* _Required work_: Please set down each of the lines below once more, exactly, omitting all pictures.
- - - -
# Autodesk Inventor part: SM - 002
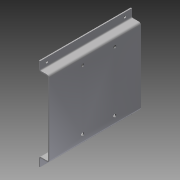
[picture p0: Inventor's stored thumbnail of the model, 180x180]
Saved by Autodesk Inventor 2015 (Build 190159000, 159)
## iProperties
Company: Autodesk, Inc.
Created: 2007-02
Part Number: SM - 002
Material: Steel
Document SubType Name: Sheet Metal
Designer: Autodesk, Inc.
Mass: 1795.98 g
Surface Area: 1540.61 cm^2
Volume: 228.787 cm^3
Density: 7.85 g/cm^3
Description: Motor Mount Base
Sheet Metal Rule: Default
Appearance: Steel
Author: Autodesk, Inc.
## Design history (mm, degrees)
node "Contour Flange1"
  sketch "Sketch1"
    geometry: L1 (6.096, 0)-(6.096, 850) reference; L2 (6.096, 752.524)-(6.096, 727.124); L3 (6.096, 727.124)-(31.496, 727.124); L4 (31.496, 727.124)-(31.496, 523.924); L5 (31.496, 523.924)-(6.096, 523.924); L6 (6.096, 523.924)-(6.096, 498.524)
    constraints: 9 end point, 3 perpendicular, 3 point on line
    dimensions: "d1" = 25.4 distance of L2.end L3.end; "d3" = 25.4 distance of L6.end L5.end (= d2)
hole "Hole1" diameter "d19" = 6.7564; stored, may be unused: countersink angle "d23" = 82 deg, drill point angle "d25" = 118 deg; dims "d17" = 11.43, "d18" = 19.05, "d20" = 12.7, "d21" = 12.8778, "d22" = 6.35, "d24" = 3.048 (= Thickness)
hole "Hole2" diameter "d28" = 6.7564; stored, may be unused: countersink angle "d32" = 82 deg, drill point angle "d34" = 118 deg; dims "d26" = 19.05, "d27" = 11.43, "d29" = 12.7, "d30" = 12.8778, "d31" = 6.35, "d33" = 3.048 (= Thickness)
pattern_linear "Rectangular Pattern1" dims "d37" = 215.9
pattern_linear "Rectangular Pattern2" dims "d40" = 215.9
sketch "Sketch4"
  geometry: 1 further point
hole "Hole4" sketch "Sketch4" at (161.646, 181.825) diameter "d48" = 8.382; stored, may be unused: countersink angle "d52" = 82 deg, drill point angle "d54" = 0 deg; dims "d49" = 12.7, "d50" = 9.525, "d51" = 6.35, "d53" = 19.05
sketch "Sketch5"
  geometry: 1 further point
hole "Hole5" sketch "Sketch5" at (72.746, 181.825) diameter "d55" = 8.382; stored, may be unused: countersink angle "d59" = 82 deg, drill point angle "d61" = 0 deg; dims "d56" = 12.7, "d57" = 9.525, "d58" = 6.35, "d60" = 19.05
sketch "Sketch6"
  geometry: 1 further point
hole "Hole6" sketch "Sketch6" at (161.646, 16.725) diameter "d62" = 8.382; stored, may be unused: countersink angle "d66" = 82 deg, drill point angle "d68" = 0 deg; dims "d63" = 12.7, "d64" = 9.525, "d65" = 6.35, "d67" = 19.05
sketch "Sketch7"
  geometry: 1 further point
hole "Hole7" sketch "Sketch7" at (72.746, 16.725) diameter "d69" = 8.382; stored, may be unused: countersink angle "d73" = 82 deg, drill point angle "d75" = 0 deg; dims "d70" = 12.7, "d71" = 9.525, "d72" = 6.35, "d74" = 19.05
body "Solid1"
node "Reference1"
face "Plate1" dims "d4" = 3.048 (= BendReliefWidth), "d5" = 1.524 (= BendReliefDepth), "d6" = 6.096 (= MinimumRemnant), "d7" = 3.048 (= BendRadius), "d8" = 254, "d9" = 3.048 (= BendRadius), "d10" = 3.048, "d11" = 12.192 (= CornerReliefSize), "d12" = 3.048 (= Thickness), "d76" = 3.048 (= JacobiRadiusSize), "SeamGap" = 0.00508, "Thickness" = 3.048
bend "Bend1" dims "d4" = 3.048 (= BendReliefWidth), "d5" = 1.524 (= BendReliefDepth), "d6" = 6.096 (= MinimumRemnant), "d7" = 3.048 (= BendRadius), "d9" = 3.048 (= BendRadius), "d10" = 3.048, "SeamGap" = 0.00508, "Thickness" = 3.048
feature "Corner1" dims "d10" = 3.048, "d11" = 12.192 (= CornerReliefSize), "d12" = 3.048 (= Thickness), "d76" = 3.048 (= JacobiRadiusSize)
other parameters: "BendRadius" = 3.048 (= Thickness), "BendReliefWidth" = 3.048 (= Thickness), "BendReliefDepth" = 1.524 (= 0.5 x Thickness), "CornerReliefSize" = 12.192 (= 4 x Thickness), "MinimumRemnant" = 6.096 (= 2 x Thickness), "TransitionRadius" = 3.048 (= BendRadius), "JacobiRadiusSize" = 3.048 (= Thickness), "d0" = 254, "d2" = 25.4, "GapSize" = 3.048 (= Thickness)
- - - -
* _Response to the task_:
# Autodesk Inventor part: SM - 002
[picture p0: Inventor's stored thumbnail of the model, 180x180]
Saved by Autodesk Inventor 2015 (Build 190159000, 159)
## iProperties
Company: Autodesk, Inc.
Created: 2007-02
Part Number: SM - 002
Material: Steel
Document SubType Name: Sheet Metal
Designer: Autodesk, Inc.
Mass: 1795.98 g
Surface Area: 1540.61 cm^2
Volume: 228.787 cm^3
Density: 7.85 g/cm^3
Description: Motor Mount Base
Sheet Metal Rule: Default
Appearance: Steel
Author: Autodesk, Inc.
## Design history (mm, degrees)
node "Contour Flange1"
  sketch "Sketch1"
    geometry: L1 (6.096, 0)-(6.096, 850) reference; L2 (6.096, 752.524)-(6.096, 727.124); L3 (6.096, 727.124)-(31.496, 727.124); L4 (31.496, 727.124)-(31.496, 523.924); L5 (31.496, 523.924)-(6.096, 523.924); L6 (6.096, 523.924)-(6.096, 498.524)
    constraints: 9 end point, 3 perpendicular, 3 point on line
    dimensions: "d1" = 25.4 distance of L2.end L3.end; "d3" = 25.4 distance of L6.end L5.end (= d2)
hole "Hole1" diameter "d19" = 6.7564; stored, may be unused: countersink angle "d23" = 82 deg, drill point angle "d25" = 118 deg; dims "d17" = 11.43, "d18" = 19.05, "d20" = 12.7, "d21" = 12.8778, "d22" = 6.35, "d24" = 3.048 (= Thickness)
hole "Hole2" diameter "d28" = 6.7564; stored, may be unused: countersink angle "d32" = 82 deg, drill point angle "d34" = 118 deg; dims "d26" = 19.05, "d27" = 11.43, "d29" = 12.7, "d30" = 12.8778, "d31" = 6.35, "d33" = 3.048 (= Thickness)
pattern_linear "Rectangular Pattern1" dims "d37" = 215.9
pattern_linear "Rectangular Pattern2" dims "d40" = 215.9
sketch "Sketch4"
  geometry: 1 further point
hole "Hole4" sketch "Sketch4" at (161.646, 181.825) diameter "d48" = 8.382; stored, may be unused: countersink angle "d52" = 82 deg, drill point angle "d54" = 0 deg; dims "d49" = 12.7, "d50" = 9.525, "d51" = 6.35, "d53" = 19.05
sketch "Sketch5"
  geometry: 1 further point
hole "Hole5" sketch "Sketch5" at (72.746, 181.825) diameter "d55" = 8.382; stored, may be unused: countersink angle "d59" = 82 deg, drill point angle "d61" = 0 deg; dims "d56" = 12.7, "d57" = 9.525, "d58" = 6.35, "d60" = 19.05
sketch "Sketch6"
  geometry: 1 further point
hole "Hole6" sketch "Sketch6" at (161.646, 16.725) diameter "d62" = 8.382; stored, may be unused: countersink angle "d66" = 82 deg, drill point angle "d68" = 0 deg; dims "d63" = 12.7, "d64" = 9.525, "d65" = 6.35, "d67" = 19.05
sketch "Sketch7"
  geometry: 1 further point
hole "Hole7" sketch "Sketch7" at (72.746, 16.725) diameter "d69" = 8.382; stored, may be unused: countersink angle "d73" = 82 deg, drill point angle "d75" = 0 deg; dims "d70" = 12.7, "d71" = 9.525, "d72" = 6.35, "d74" = 19.05
body "Solid1"
node "Reference1"
face "Plate1" dims "d4" = 3.048 (= BendReliefWidth), "d5" = 1.524 (= BendReliefDepth), "d6" = 6.096 (= MinimumRemnant), "d7" = 3.048 (= BendRadius), "d8" = 254, "d9" = 3.048 (= BendRadius), "d10" = 3.048, "d11" = 12.192 (= CornerReliefSize), "d12" = 3.048 (= Thickness), "d76" = 3.048 (= JacobiRadiusSize), "SeamGap" = 0.00508, "Thickness" = 3.048
bend "Bend1" dims "d4" = 3.048 (= BendReliefWidth), "d5" = 1.524 (= BendReliefDepth), "d6" = 6.096 (= MinimumRemnant), "d7" = 3.048 (= BendRadius), "d9" = 3.048 (= BendRadius), "d10" = 3.048, "SeamGap" = 0.00508, "Thickness" = 3.048
feature "Corner1" dims "d10" = 3.048, "d11" = 12.192 (= CornerReliefSize), "d12" = 3.048 (= Thickness), "d76" = 3.048 (= JacobiRadiusSize)
other parameters: "BendRadius" = 3.048 (= Thickness), "BendReliefWidth" = 3.048 (= Thickness), "BendReliefDepth" = 1.524 (= 0.5 x Thickness), "CornerReliefSize" = 12.192 (= 4 x Thickness), "MinimumRemnant" = 6.096 (= 2 x Thickness), "TransitionRadius" = 3.048 (= BendRadius), "JacobiRadiusSize" = 3.048 (= Thickness), "d0" = 254, "d2" = 25.4, "GapSize" = 3.048 (= Thickness)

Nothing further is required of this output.